着揚脣的弧度太小太小,小得甚至都看不見。
外人看來只覺得慕容絕璟是依舊在沉着眸子,只有夏詩昭離他離得近,發現了這一個變化,這一刻自己也笑了出來。
果然……兩個人想到一塊去了。
“嗯。”這一瞬,慕容絕璟也出了聲,就彷彿是在應和她方纔的問話似的,低沉一答。
而再一瞬,夏詩昭還沒完全回緩過來時,已經換他出了聲。
這聲音不大也不小,恰巧宴席上的衆人都能聽到:“來一個自然是能行,只不過想知道,皇兄想讓我來什麼?”
直接把幽幽的目光擡起,投到了慕容絕珛的身上。
眼中看不出是喜是怒,只是略微有些涼的看着慕容絕珛。
慕容絕珛臉上的笑有那麼一瞬的不自然,而後早已同是微妙的掩藏而過了,帝王術哪是尋常人能窺透,加之此時兩人隔着的舉例,他金冠前的流蘇,都將他深深藏了起來。
只能看到他仍是在笑着:“絕璟?”似也是沒預料到慕容絕璟的態度,忽然轉變了。
竟還應承了下來。
此時只是依舊輕笑:“那就問問瑞王和齊王吧。”看回了慕容端和慕容鶴。
慕容端與慕容鶴這會兒也還在原本的思緒中,一人明笑一人暗笑,慕容鶴臉上的笑依舊是那般笑中無物,可慕容端卻是眼中眸光霎時暗了一下。
還是慕容鶴最先反應了過來:“二王兄,隨意就好。
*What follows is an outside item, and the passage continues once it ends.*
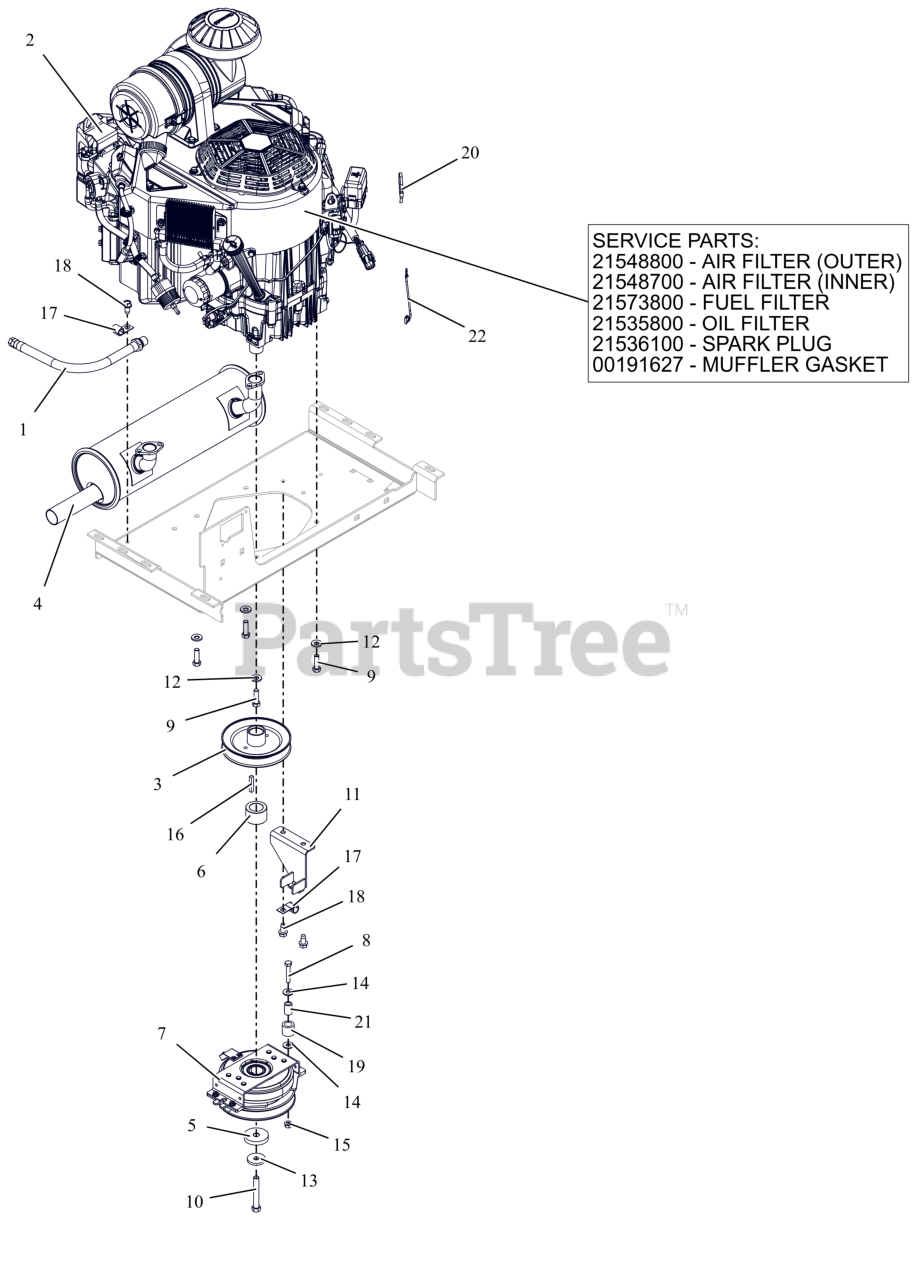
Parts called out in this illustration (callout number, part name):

”
彷彿是高興的樣子,只要慕容絕璟答應……
可此時,也正是因爲慕容絕璟答應了,他才心中也驀地有了另外的特殊的感覺,彷彿拿不準主意一般,看着慕容絕璟的眸光越加暗帶探究,也彷彿是不可置信一般的沉了眼。
準備看着慕容絕璟會如何做,所謂的來一個,又如何解決過去……
慕容端此時已也再沉沉出聲,補充:“二哥不要隨意拿別的東西唬弄我們。”
例如甚至連身都不起,徑直在那坐席之上一動未動的唸詩賞詞,再說了話:“動動嘴皮子可不行。”
“方纔四弟做過的,也不行……”彈琴不行。
莫不是要舞劍?
只見慕容絕璟此時眼眸中掠過暗芒,理應聽到他這話是要慍怒的,可偏偏這一刻他臉色就是沒有半分動容。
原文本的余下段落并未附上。